Transformation der SAP-Basis
Betriebswirtschaft, Organisation und Technik
In den vergangenen Jahren gab es eine stringente Trennung zwischen Technik, ERP-Architektur und SAP-Basis auf der einen Seite und Applikationen, Algorithmen und Geschäftsprozessen auf der anderen Seite. Zu Beginn eines jeden Jahres veranstaltet der SAP-Anwenderverein DSAG die bekannten Technologietage, dort treffen sich unter anderem die CCC- und CCoE-Leiter sowie viele Basismitarbeiter der SAP-Bestandskunden. Nach der Sommerpause gibt es den DSAG-Jahreskongress mit strategischen und visionären Keynotes sowie dem Schwerpunkt auf Applikationen und Business Process Management. Dort mehr die Techniker, am Jahreskongress mehr die Anwender aus den Fachabteilungen.

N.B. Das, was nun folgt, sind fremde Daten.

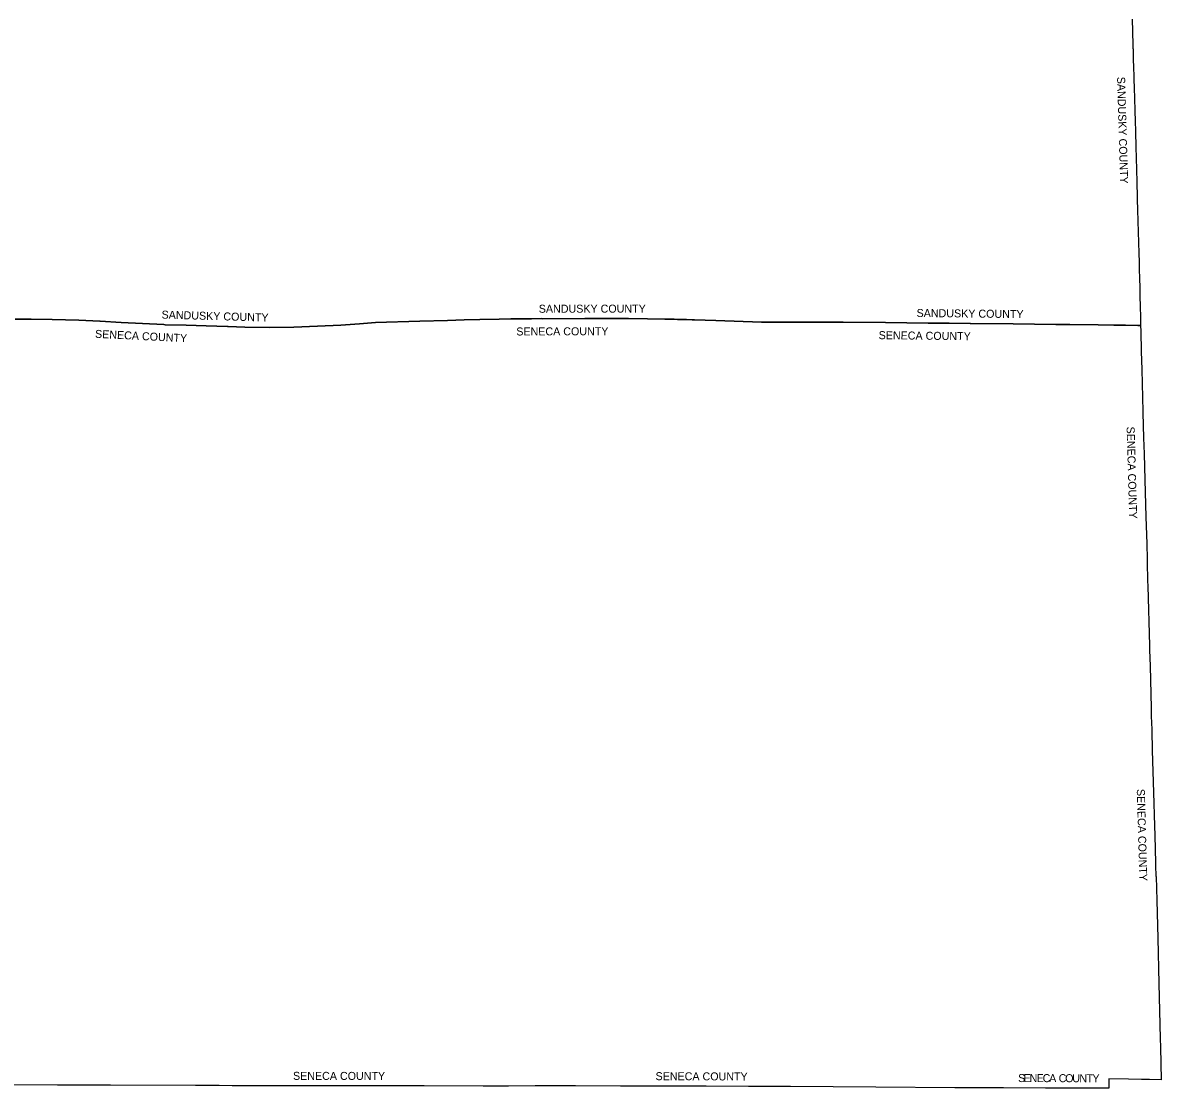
# Model space of a CAD drawing. Extents: x 1443599 to 1910620, y 1028088 to 1361369.
# Drawn here: x 1735222 to 1877520, y 1090720 to 1223920 of the extents above; entities that cross this region are included whole.
import ezdxf

# ---------------------------------------------------------------- set-up
doc = ezdxf.new("R2010")
doc.units = 0
doc.layers.add('GM_X_Adjacent_County', color=7, linetype='Continuous')
doc.layers.add('GM_X_Adjacent_County_Text', color=7, linetype='Continuous')

msp = doc.modelspace()

# ---------------------------------------------------------------- linework, layer by layer
at = {"layer": 'GM_X_Adjacent_County'}
for points in [[(1873885, 1224371), (1873903, 1223780), (1873915, 1223395), (1873919, 1223272), (1873936, 1222583), (1873942, 1222304), (1873960, 1221647), (1873971, 1221271), (1873980, 1221025), (1873983, 1220931), (1873987, 1220828), (1873990, 1220720), (1873993, 1220651), (1874004, 1220221), (1874018, 1219729), (1874025, 1219434), (1874032, 1219221), (1874052, 1218500), (1874066, 1218076), (1874071, 1217893), (1874076, 1217663), (1874081, 1217331), (1874080, 1217319), (1874097, 1216827), (1874107, 1216532), (1874122, 1216089), (1874140, 1215712), (1874157, 1215270), (1874166, 1214942), (1874173, 1214712), (1874189, 1214154), (1874208, 1213235), (1874223, 1212743), (1874236, 1212416), (1874246, 1212121), (1874252, 1212018), (1874257, 1211924), (1874265, 1211711), (1874274, 1211383), (1874293, 1210628), (1874308, 1209989), (1874314, 1209759), (1874323, 1209431), (1874330, 1209234), (1874337, 1208906), (1874344, 1208660), (1874352, 1208348), (1874362, 1207839), (1874369, 1207560), (1874373, 1207380), (1874375, 1207306), (1874385, 1206970), (1874389, 1206789), (1874396, 1206593), (1874399, 1206479), (1874411, 1206069), (1874425, 1205626), (1874434, 1205282), (1874440, 1205069), (1874445, 1204889), (1874452, 1204660), (1874456, 1204479), (1874465, 1204151), (1874480, 1203577), (1874489, 1203248), (1874499, 1202872), (1874505, 1202660), (1874515, 1202249), (1874520, 1201994), (1874521, 1201970), (1874528, 1201544), (1874544, 1200805), (1874556, 1200346), (1874568, 1199985), (1874579, 1199657), (1874609, 1198729), (1874629, 1198149), (1874630, 1198102), (1874634, 1197935), (1874650, 1197529), (1874678, 1196718), (1874676, 1196685), (1874685, 1196324), (1874687, 1196231), (1874689, 1195958), (1874702, 1195624), (1874704, 1195559), (1874712, 1195341), (1874714, 1195175), (1874727, 1194819), (1874747, 1194264), (1874773, 1193210), (1874769, 1193158), (1874775, 1193023), (1874782, 1192756), (1874795, 1192318), (1874802, 1192031), (1874835, 1190723), (1874841, 1190514), (1874843, 1190228), (1874845, 1189851), (1874855, 1189533), (1874853, 1189471), (1874865, 1189239), (1874869, 1188969), (1874869, 1188736), (1874892, 1188188), (1874923, 1187365), (1874929, 1187161), (1874942, 1186641), (1874945, 1186074), (1874575, 1186078), (1873055, 1186102), (1871615, 1186127), (1869652, 1186143), (1866117, 1186188), (1864335, 1186198), (1859011, 1186262), (1853690, 1186324), (1853645, 1186324), (1851014, 1186349), (1848393, 1186378), (1845738, 1186419), (1843068, 1186456), (1837772, 1186480), (1836614, 1186490), (1832499, 1186486), (1829633, 1186472), (1827562, 1186497), (1821835, 1186718), (1819168, 1186784), (1818871, 1186791), (1818180, 1186810), (1817700, 1186826), (1817077, 1186838), (1816631, 1186848), (1816005, 1186857), (1815460, 1186869), (1813328, 1186914), (1810942, 1186950), (1808199, 1186945), (1805640, 1186950), (1805457, 1186950), (1800215, 1186926), (1800076, 1186928), (1798820, 1186925), (1796246, 1186911), (1794753, 1186884), (1792343, 1186826), (1790395, 1186767), (1788308, 1186703), (1784845, 1186614), (1779305, 1186460), (1777293, 1186285), (1774968, 1186130), (1774008, 1186075), (1769090, 1185861), (1766082, 1185832), (1762974, 1185870), (1760882, 1185948), (1760792, 1185951), (1758129, 1186050), (1755657, 1186096), (1753019, 1186176), (1752834, 1186185), (1747540, 1186457), (1744883, 1186601), (1744864, 1186602), (1742235, 1186736), (1738911, 1186836), (1736260, 1186860), (1734258, 1186854)], [(1734258, 1186854), (1736260, 1186860), (1738911, 1186836), (1742235, 1186736), (1744864, 1186602), (1744883, 1186601), (1747540, 1186457), (1752834, 1186185), (1753019, 1186176), (1755657, 1186096), (1758129, 1186050), (1760792, 1185951), (1760882, 1185948), (1762974, 1185870), (1766082, 1185832), (1769090, 1185861), (1774008, 1186075), (1774968, 1186130), (1777293, 1186285), (1779305, 1186460), (1784845, 1186614), (1788308, 1186703), (1790395, 1186767), (1792343, 1186826), (1794753, 1186884), (1796246, 1186911), (1798820, 1186925), (1800076, 1186928), (1800215, 1186926), (1805457, 1186950), (1805640, 1186950), (1808199, 1186945), (1810942, 1186950), (1813328, 1186914), (1815460, 1186869), (1816005, 1186857), (1816631, 1186848), (1817077, 1186838), (1817700, 1186826), (1818180, 1186810), (1818871, 1186791), (1819168, 1186784), (1821835, 1186718), (1827562, 1186497), (1829633, 1186472), (1832499, 1186486), (1836614, 1186490), (1837772, 1186480), (1843068, 1186456), (1845738, 1186419), (1848393, 1186378), (1851014, 1186349), (1853645, 1186324), (1853690, 1186324), (1859011, 1186262), (1864335, 1186198), (1866117, 1186188), (1869652, 1186143), (1871615, 1186127), (1873055, 1186102), (1874575, 1186078), (1874945, 1186074), (1874960, 1185375), (1875028, 1182810), (1875084, 1180580), (1875216, 1175323), (1875220, 1175159), (1875324, 1172050), (1875387, 1170045), (1875490, 1166798), (1875595, 1162172), (1875708, 1158770), (1875744, 1156859), (1875751, 1156483), (1875815, 1154145), (1875833, 1153484), (1876052, 1146072), (1876061, 1146031), (1876074, 1145495), (1876127, 1143537), (1876251, 1138246), (1876278, 1137238), (1876329, 1135547), (1876331, 1135496), (1876408, 1132939), (1876567, 1127687), (1876692, 1123540), (1876727, 1122336), (1876810, 1118889), (1876814, 1118769), (1876822, 1118550), (1876866, 1117247), (1876868, 1117175), (1876969, 1114209), (1877096, 1109482), (1877236, 1103802), (1877316, 1100410), (1877398, 1096957), (1877423, 1095864), (1877520, 1091751), (1876039, 1091797), (1875074, 1091822), (1873409, 1091851), (1870974, 1091909), (1870971, 1090722), (1868442, 1090720), (1868381, 1090720), (1863114, 1090742), (1863035, 1090740), (1857789, 1090758), (1857717, 1090758), (1851740, 1090779), (1841831, 1090835), (1836515, 1090879), (1831198, 1090916), (1825913, 1090935), (1820632, 1090962), (1815236, 1090986), (1815195, 1090986), (1809934, 1090998), (1809920, 1090997), (1804288, 1091007), (1799288, 1091004), (1795937, 1090990), (1793974, 1090997), (1792773, 1090992), (1785412, 1091004), (1783360, 1091006), (1778897, 1091013), (1778025, 1091015), (1774070, 1091021), (1773794, 1091021), (1767434, 1091030), (1761386, 1091039), (1759767, 1091062), (1759317, 1091064), (1759058, 1091058), (1758817, 1091061), (1758171, 1091066), (1757235, 1091073), (1756821, 1091077), (1746192, 1091104), (1740876, 1091097), (1739547, 1091111), (1730249, 1091142)]]:
    msp.add_lwpolyline(points, dxfattribs=at)

# ---------------------------------------------------------------- texts
at = {"layer": 'GM_X_Adjacent_County_Text'}
for s, rotation, p in [('SANDUSKY COUNTY', 271.6508, (1872003, 1217157)), ('SANDUSKY COUNTY', 0.08352, (1799720, 1187667)), ('SANDUSKY COUNTY', 358.37347, (1752558, 1186940)), ('SANDUSKY COUNTY', 359.39347, (1846935, 1187139)), ('SENECA COUNTY', 357.17379, (1744238, 1184542)), ('SENECA COUNTY', 0.17348, (1796909, 1184824)), ('SENECA COUNTY', 359.30534, (1842193, 1184367)), ('SENECA COUNTY', 271.63678, (1873191, 1173418)), ('SENECA COUNTY', 271.58788, (1874467, 1128124)), ('SENECA COUNTY', 359.92554, (1768995, 1091769)), ('SENECA COUNTY', 359.77651, (1814314, 1091729)), ('S', 359.77789, (1859637, 1091491)), ('E', 359.7779, (1860315, 1091489)), ('N', 359.77909, (1861063, 1091486)), ('E', 359.80718, (1861948, 1091483)), ('C', 0.07803, (1862701, 1091480)), ('A', 359.83009, (1863514, 1091481)), ('C', 359.81274, (1864702, 1091478)), ('O', 359.81269, (1865516, 1091475)), ('U', 359.81269, (1866400, 1091472)), ('N', 359.81269, (1867284, 1091469)), ('T', 359.81293, (1868169, 1091466)), ('Y', 359.81269, (1868917, 1091464))]:
    msp.add_text(s, height=1000, rotation=rotation, dxfattribs=at).set_placement(p)

doc.saveas('drawing.dxf')

Am Jahreskongress des vergangenen Jahres war es anders: Es standen sich nicht Techniker und Anwender gegenüber, sondern sie bildeten eine ERP-E2E-Story. Im Zentrum stand Application Lifecycle Management, links davon Business Process Management mit den Produkten von Signavio und rechts davon die Basisfunktion Testmanagement mit einer neuen SAP-Partnerkooperation. Das Ganze nennt SAP „Business Transformation Suite“ und zeigte auf dem DSAG-Jahreskongress erstmals die Breite und Tiefe an Aufgaben eines künftigen Customer Competence Center (CCC) und Customer Center of Expertise (CCoE).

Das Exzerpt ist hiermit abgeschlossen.